**PROBLEM REQUIREMENTS**: Say the number of lines in the records below that hold the word "ring", and only that number.

Items from a dataset:
▼
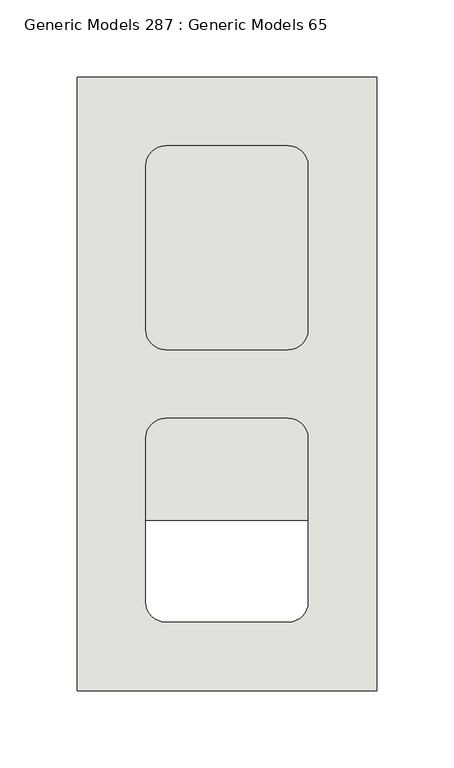
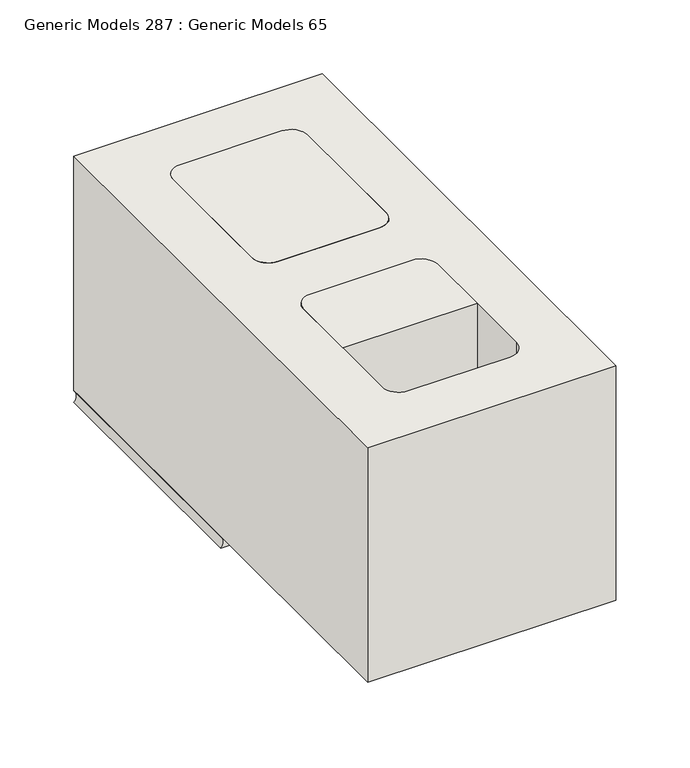
"""IFC4 building model written with IfcOpenShell, lengths in millimetres: wall geometry, Generic Models 287 : Generic Models 65."""

import ifcopenshell
import ifcopenshell.guid

model = None  # the IFC model being written
_history = None  # IfcOwnerHistory: only IFC2X3 demands one
_inside = {}  # id of a spatial element -> (the spatial element, [elements in it])
_under = {}  # id of a project, library or spatial element -> (it, [spatial elements below it])
_declared = {}  # id of a project -> (the project, [libraries it declares])
_typed = {}  # id of a type object -> (the type object, [elements of that type])
_made_of = {}  # id of a material, layer set ... -> (it, [elements and type objects made of it])


def new_model(schema):
    """Start an empty IFC model of exactly this schema.

    Asked for "IFC4X3", IfcOpenShell would pick the latest addendum, in which some entities
    have other attributes; the version numbers below select the first issue.
    IFC2X3 requires an IfcOwnerHistory on every rooted entity: one is made here for all.
    """
    global model, _history
    if schema == "IFC4X3":
        model = ifcopenshell.file(schema_version=(4, 3, 0, 0))
    else:
        model = ifcopenshell.file(schema=schema)
    _inside.clear()
    _under.clear()
    _declared.clear()
    _typed.clear()
    _made_of.clear()
    _history = None
    if model.schema == "IFC2X3":
        org = make("IfcOrganization", Name="unknown")
        user = make(
            "IfcPersonAndOrganization",
            ThePerson=make("IfcPerson", FamilyName="unknown"),
            TheOrganization=org,
        )
        app = make(
            "IfcApplication",
            ApplicationDeveloper=org,
            Version="unknown",
            ApplicationFullName="unknown",
            ApplicationIdentifier="unknown",
        )
        _history = make(
            "IfcOwnerHistory",
            OwningUser=user,
            OwningApplication=app,
            ChangeAction="ADDED",
            CreationDate=0,
        )
    return model


def make(cls, **values):
    """One entity of the class cls with the attributes given. An attribute that is None is left unset."""
    return model.create_entity(
        cls, **{name: value for name, value in values.items() if value is not None}
    )


def rooted(cls, **values):
    """An entity with a GlobalId (a new one), such as an element, a storey or a relation."""
    return make(cls, GlobalId=ifcopenshell.guid.new(), OwnerHistory=_history, **values)


def si_unit(unit_type, name, prefix=None):
    """IfcSIUnit, for example si_unit("LENGTHUNIT", "METRE", prefix="MILLI")."""
    return make("IfcSIUnit", UnitType=unit_type, Prefix=prefix, Name=name)


def assignment(units):
    """IfcUnitAssignment: the units of a project."""
    return None if units is None else make("IfcUnitAssignment", Units=units)


def point(xyz):
    """IfcCartesianPoint."""
    return None if xyz is None else make("IfcCartesianPoint", Coordinates=xyz)


def direction(xyz):
    """IfcDirection."""
    return None if xyz is None else make("IfcDirection", DirectionRatios=xyz)


def frame(location, z_axis=None, x_axis=None):
    """IfcAxis2Placement3D, a coordinate frame: its origin and axes. An axis left out is left unset."""
    return make(
        "IfcAxis2Placement3D",
        Location=point(location),
        Axis=direction(z_axis),
        RefDirection=direction(x_axis),
    )


def frame_2d(location, x_axis=None):
    """IfcAxis2Placement2D, a coordinate frame in the plane: its origin and x axis."""
    return make(
        "IfcAxis2Placement2D", Location=point(location), RefDirection=direction(x_axis)
    )


def origin():
    """The frame at (0, 0, 0) with its axes left unset."""
    return frame((0.0, 0.0, 0.0))


def origin_with_axes():
    """The frame at (0, 0, 0) with the z axis (0, 0, 1) and the x axis (1, 0, 0) written out."""
    return frame((0.0, 0.0, 0.0), z_axis=(0.0, 0.0, 1.0), x_axis=(1.0, 0.0, 0.0))


def place(relative_to, where):
    """IfcLocalPlacement: puts the frame where relative to a parent placement (None: the world)."""
    return make(
        "IfcLocalPlacement", PlacementRelTo=relative_to, RelativePlacement=where
    )


def context(
    kind, dimensions, precision=None, world=None, true_north=None, identifier=None
):
    """IfcGeometricRepresentationContext, for example the 3D "Model" context."""
    return make(
        "IfcGeometricRepresentationContext",
        ContextIdentifier=identifier,
        ContextType=kind,
        CoordinateSpaceDimension=dimensions,
        Precision=precision,
        WorldCoordinateSystem=world,
        TrueNorth=true_north,
    )


def project(units=None, contexts=None):
    """IfcProject with its units and contexts."""
    return rooted(
        "IfcProject",
        Name="project",
        RepresentationContexts=contexts,
        UnitsInContext=assignment(units),
    )


def spatial(cls, under=None, at=None, **own):
    """A site, building, storey or space (cls), placed at a placement, below another one or the project."""
    s = rooted(cls, ObjectPlacement=at, **own)
    if under is not None:
        _under.setdefault(under.id(), (under, []))[1].append(s)
    return s


def polyline(points):
    """IfcPolyline through the points."""
    return make("IfcPolyline", Points=[point(p) for p in points])


def circle_curve(where, radius):
    """IfcCircle in the frame where."""
    return make("IfcCircle", Position=where, Radius=radius)


def trimmed(basis, trim1, trim2, sense, master):
    """IfcTrimmedCurve: the piece of a basis curve between two trims."""
    return make(
        "IfcTrimmedCurve",
        BasisCurve=basis,
        Trim1=trim1,
        Trim2=trim2,
        SenseAgreement=sense,
        MasterRepresentation=master,
    )


def segment(curve, same_sense, transition):
    """IfcCompositeCurveSegment."""
    return make(
        "IfcCompositeCurveSegment",
        Transition=transition,
        SameSense=same_sense,
        ParentCurve=curve,
    )


def composite_curve(segments, self_intersect=None):
    """IfcCompositeCurve: segments joined end to end."""
    return make("IfcCompositeCurve", Segments=segments, SelfIntersect=self_intersect)


def outline(outer, holes=None, kind="AREA"):
    """IfcArbitraryClosedProfileDef: a profile drawn as a closed curve; with holes, ...WithVoids."""
    if holes is None:
        return make("IfcArbitraryClosedProfileDef", ProfileType=kind, OuterCurve=outer)
    return make(
        "IfcArbitraryProfileDefWithVoids",
        ProfileType=kind,
        OuterCurve=outer,
        InnerCurves=holes,
    )


def extrude(swept, where, along, depth):
    """IfcExtrudedAreaSolid: the profile swept, set in the frame where, extruded along a direction by depth."""
    return make(
        "IfcExtrudedAreaSolid",
        SweptArea=swept,
        Position=where,
        ExtrudedDirection=direction(along),
        Depth=depth,
    )


def shape(context_of_items, identifier, shape_type, items):
    """IfcShapeRepresentation: the items that make up one representation, for example the "Body"."""
    return make(
        "IfcShapeRepresentation",
        ContextOfItems=context_of_items,
        RepresentationIdentifier=identifier,
        RepresentationType=shape_type,
        Items=items,
    )


def source(mapping_origin, context_of_items, identifier, shape_type, items):
    """IfcRepresentationMap: a shape defined once, which mapped items show again and again."""
    return make(
        "IfcRepresentationMap",
        MappingOrigin=mapping_origin,
        MappedRepresentation=shape(context_of_items, identifier, shape_type, items),
    )


def transform(
    local_origin,
    x_axis=None,
    y_axis=None,
    z_axis=None,
    scale=None,
    scale2=None,
    scale3=None,
    uniform=True,
):
    """IfcCartesianTransformationOperator3D, or its non-uniform kind. x_axis, y_axis, z_axis: its Axis1, 2, 3."""
    if uniform:
        return make(
            "IfcCartesianTransformationOperator3D",
            Axis1=direction(x_axis),
            Axis2=direction(y_axis),
            LocalOrigin=point(local_origin),
            Scale=scale,
            Axis3=direction(z_axis),
        )
    return make(
        "IfcCartesianTransformationOperator3DnonUniform",
        Axis1=direction(x_axis),
        Axis2=direction(y_axis),
        LocalOrigin=point(local_origin),
        Scale=scale,
        Axis3=direction(z_axis),
        Scale2=scale2,
        Scale3=scale3,
    )


def mapped(mapping_source, mapping_target):
    """IfcMappedItem: shows the shape of a source again, moved by a transform."""
    return make(
        "IfcMappedItem", MappingSource=mapping_source, MappingTarget=mapping_target
    )


def made_of(thing, what):
    """Note that an element or type object is made of a material, layer set ...; save() writes the relation."""
    if what is not None:
        _made_of.setdefault(what.id(), (what, []))[1].append(thing)
    return thing


def element(
    cls,
    number,
    at=None,
    inside=None,
    cuts=None,
    type_object=None,
    material=None,
    context=None,
    identifier="Body",
    shape_type=None,
    held_by="IfcProductDefinitionShape",
    body=None,
    shapes=None,
    **own,
):
    """One element of the class cls, such as IfcWall. Its Tag is "e" and its number.

    at: its placement. inside: the storey or other place that contains it. cuts: it is an
    opening in that element (IfcRelVoidsElement). A single representation is given by context,
    identifier, shape_type and body (its items); several are given by shapes. held_by: the class
    of the entity that holds the representations. save() writes the other relations.
    """
    e = rooted(cls, Tag="e%d" % number, ObjectPlacement=at, **own)
    if body is not None:
        shapes = [shape(context, identifier, shape_type, body)]
    if shapes is not None:
        e.Representation = make(held_by, Representations=shapes)
    if inside is not None:
        _inside.setdefault(inside.id(), (inside, []))[1].append(e)
    if cuts is not None:
        rooted(
            "IfcRelVoidsElement", RelatingBuildingElement=cuts, RelatedOpeningElement=e
        )
    if type_object is not None:
        _typed.setdefault(type_object.id(), (type_object, []))[1].append(e)
    return made_of(e, material)


def aggregate(whole, parts):
    """IfcRelAggregates: a whole, such as a stair, and the parts it consists of."""
    return rooted("IfcRelAggregates", RelatingObject=whole, RelatedObjects=parts)


def save(model, path):
    """Write the relations noted so far, then the file.

    IfcRelAggregates (storeys below a building ...), IfcRelContainedInSpatialStructure (elements
    in a storey), IfcRelDefinesByType, IfcRelAssociatesMaterial and IfcRelDeclares: one each for
    every whole, place, type object, material and project.
    """
    for whole, parts in _under.values():
        aggregate(whole, parts)
    for where, things in _inside.values():
        rooted(
            "IfcRelContainedInSpatialStructure",
            RelatedElements=things,
            RelatingStructure=where,
        )
    for kind, things in _typed.values():
        rooted("IfcRelDefinesByType", RelatedObjects=things, RelatingType=kind)
    for what, things in _made_of.values():
        rooted("IfcRelAssociatesMaterial", RelatedObjects=things, RelatingMaterial=what)
    for by, libraries in _declared.values():
        rooted("IfcRelDeclares", RelatingContext=by, RelatedDefinitions=libraries)
    model.write(path)


def plane_surface(at):
    """IfcPlane: the flat surface through the origin of the frame at, square to its z axis."""
    return make("IfcPlane", Position=at)


def revolved_surface(curve, axis_point, axis_direction):
    """IfcSurfaceOfRevolution: the curve turned about the line through axis_point along axis_direction."""
    return make(
        "IfcSurfaceOfRevolution",
        SweptCurve=make("IfcArbitraryOpenProfileDef", ProfileType="CURVE", Curve=curve),
        AxisPosition=make("IfcAxis1Placement", Location=point(axis_point), Axis=direction(axis_direction)),
    )


def advanced_brep(points, edges, surfaces, faces):
    """IfcAdvancedBrep: a solid bounded by faces that lie on surfaces and meet in shared edges.

    An edge is (start, end): straight between two places in points (the first is 0);
    or (start, end, curve); or (start, end, curve, False) where it runs against its curve.
    A face is (place in surfaces, loops), or (place, loops, False) where it looks against
    its surface's normal. A loop lists edges by number (the first is 1), with a minus sign
    where the edge is run from its end to its start. The first loop is the outer one.
    """
    corners = [point(p) for p in points]
    vertices = [make("IfcVertexPoint", VertexGeometry=c) for c in corners]
    made = []
    for start, end, *more in edges:
        made.append(
            make(
                "IfcEdgeCurve",
                EdgeStart=vertices[start],
                EdgeEnd=vertices[end],
                EdgeGeometry=more[0] if more else make("IfcPolyline", Points=[corners[start], corners[end]]),
                SameSense=more[1] if len(more) > 1 else True,
            )
        )
    hull = []
    for where, loops, *sense in faces:
        bounds = []
        for j, loop in enumerate(loops):
            ring = [make("IfcOrientedEdge", EdgeElement=made[abs(k) - 1], Orientation=k > 0) for k in loop]
            bounds.append(
                make(
                    "IfcFaceOuterBound" if j == 0 else "IfcFaceBound",
                    Bound=make("IfcEdgeLoop", EdgeList=ring),
                    Orientation=True,
                )
            )
        hull.append(make("IfcAdvancedFace", Bounds=bounds, FaceSurface=surfaces[where], SameSense=sense[0] if sense else True))
    return make("IfcAdvancedBrep", Outer=make("IfcClosedShell", CfsFaces=hull))


def generic_models_287_generic_models_65_ef469ebf(model_context):
    return source(origin(), model_context, "Body", "SolidModel", [
        advanced_brep(
        [(430198.2125, 503.2375, 9.525), (430004.5375, 503.2375, 9.525), (430004.5375, 503.2375, 0.0), (430198.2125, 503.2375, 0.0), (430198.2125, 701.675, 9.525), (430198.2125, 701.675, 0.0), (430004.5375, 701.675, 0.0), (430004.5375, 701.675, 9.525), (430153.7625, 538.1625, 9.525), (430141.0625, 525.4625, 9.525), (430061.6875, 525.4625, 9.525), (430048.9875, 538.1625, 9.525), (430048.9875, 644.525, 9.525), (430061.6875, 657.225, 9.525), (430141.0625, 657.225, 9.525), (430153.7625, 644.525, 9.525), (430141.0625, 525.4625, 0.0), (430153.7625, 538.1625, 0.0), (430061.6875, 525.4625, 0.0), (430048.9875, 538.1625, 0.0), (430048.9875, 644.525, 0.0), (430061.6875, 657.225, 0.0), (430141.0625, 657.225, 0.0), (430153.7625, 644.525, 0.0)],
        [
            (0, 1),
            (1, 2, circle_curve(frame((429999.6545028, 503.2375, 4.7625), z_axis=(0.0, 1.0, 0.0), x_axis=(1.0, 0.0, 0.0)), 6.8209287)),
            (2, 3),
            (3, 0, circle_curve(frame((430203.0954972, 503.2375, 4.7625), z_axis=(0.0, 1.0, 0.0), x_axis=(-1.0, 0.0, 0.0)), 6.8209287)),
            (4, 5, circle_curve(frame((430203.0954972, 701.675, 4.7625), z_axis=(0.0, -1.0, 0.0), x_axis=(-1.0, 0.0, 0.0)), 6.8209287)),
            (5, 6),
            (6, 7, circle_curve(frame((429999.6545028, 701.675, 4.7625), z_axis=(0.0, -1.0, 0.0), x_axis=(1.0, 0.0, 0.0)), 6.8209287)),
            (7, 4),
            (0, 4),
            (7, 1),
            (8, 9, circle_curve(frame((430141.0625, 538.1625, 9.525), z_axis=(0.0, 0.0, -1.0), x_axis=(-1.0, 0.0, 0.0)), 12.7)),
            (9, 10),
            (10, 11, circle_curve(frame((430061.6875, 538.1625, 9.525), z_axis=(0.0, 0.0, -1.0), x_axis=(-1.0, 0.0, 0.0)), 12.7)),
            (11, 12),
            (12, 13, circle_curve(frame((430061.6875, 644.525, 9.525), z_axis=(0.0, 0.0, -1.0), x_axis=(-1.0, 0.0, 0.0)), 12.7)),
            (13, 14),
            (14, 15, circle_curve(frame((430141.0625, 644.525, 9.525), z_axis=(0.0, 0.0, -1.0), x_axis=(-1.0, 0.0, 0.0)), 12.7)),
            (15, 8),
            (16, 9),
            (8, 17),
            (17, 16, circle_curve(frame((430141.0625, 538.1625, 0.0), z_axis=(0.0, 0.0, -1.0), x_axis=(-1.0, 0.0, 0.0)), 12.7)),
            (16, 18),
            (18, 10),
            (18, 19, circle_curve(frame((430061.6875, 538.1625, 0.0), z_axis=(0.0, 0.0, -1.0), x_axis=(-1.0, 0.0, 0.0)), 12.7)),
            (19, 11),
            (19, 20),
            (20, 12),
            (20, 21, circle_curve(frame((430061.6875, 644.525, 0.0), z_axis=(0.0, 0.0, -1.0), x_axis=(-1.0, 0.0, 0.0)), 12.7)),
            (21, 13),
            (21, 22),
            (22, 14),
            (22, 23, circle_curve(frame((430141.0625, 644.525, 0.0), z_axis=(0.0, 0.0, -1.0), x_axis=(-1.0, 0.0, 0.0)), 12.7)),
            (23, 15),
            (23, 17),
            (6, 2),
            (5, 3),
        ],
        [
            plane_surface(frame((430101.375, 503.2375, 9.921875), z_axis=(0.0, -1.0, 0.0), x_axis=(0.0, 0.0, 1.0))),
            plane_surface(frame((430101.375, 701.675, 9.921875), z_axis=(0.0, 1.0, 0.0), x_axis=(0.0, 0.0, 1.0))),
            plane_surface(frame((430198.2125, 503.2375, 9.525), z_axis=(0.0, 0.0, 1.0), x_axis=(0.0, 1.0, 0.0))),
            revolved_surface(polyline([(430128.3625, 538.1625, 9.525000000000006), (430128.3625, 538.1625, 0.0)]), (430141.0625, 538.1625, 193.675), (0.0, 0.0, 1.0)),
            plane_surface(frame((430061.6875, 525.4625, 193.675), z_axis=(0.0, 1.0, 0.0), x_axis=(0.0, 0.0, -1.0))),
            revolved_surface(polyline([(430048.9875, 538.1625, 9.525000000000006), (430048.9875, 538.1625, 0.0)]), (430061.6875, 538.1625, 193.675), (0.0, 0.0, 1.0)),
            plane_surface(frame((430048.9875, 644.525, 193.675), z_axis=(1.0, 0.0, 0.0), x_axis=(0.0, 0.0, -1.0))),
            revolved_surface(polyline([(430048.9875, 644.525, 9.525000000000006), (430048.9875, 644.525, 0.0)]), (430061.6875, 644.525, 193.675), (0.0, 0.0, 1.0)),
            plane_surface(frame((430141.0625, 657.225, 193.675), z_axis=(0.0, -1.0, 0.0), x_axis=(0.0, 0.0, -1.0))),
            revolved_surface(polyline([(430128.3625, 644.525, 9.525000000000006), (430128.3625, 644.525, 0.0)]), (430141.0625, 644.525, 193.675), (0.0, 0.0, 1.0)),
            plane_surface(frame((430153.7625, 538.1625, 193.675), z_axis=(-1.0, 0.0, 0.0), x_axis=(0.0, 0.0, -1.0))),
            revolved_surface(polyline([(430006.4754315, 701.675, 4.7625), (430006.4754315, 503.2375, 4.7625)]), (429999.6545028, 503.2375, 4.7625), (0.0, 1.0, 0.0)),
            plane_surface(frame((430004.5375, 503.2375, 0.0), z_axis=(0.0, 0.0, -1.0), x_axis=(0.0, 1.0, 0.0))),
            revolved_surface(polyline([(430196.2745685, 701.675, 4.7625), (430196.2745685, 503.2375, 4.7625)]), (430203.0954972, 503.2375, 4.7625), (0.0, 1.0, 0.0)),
▲
**WRITTEN ANSWER**: 2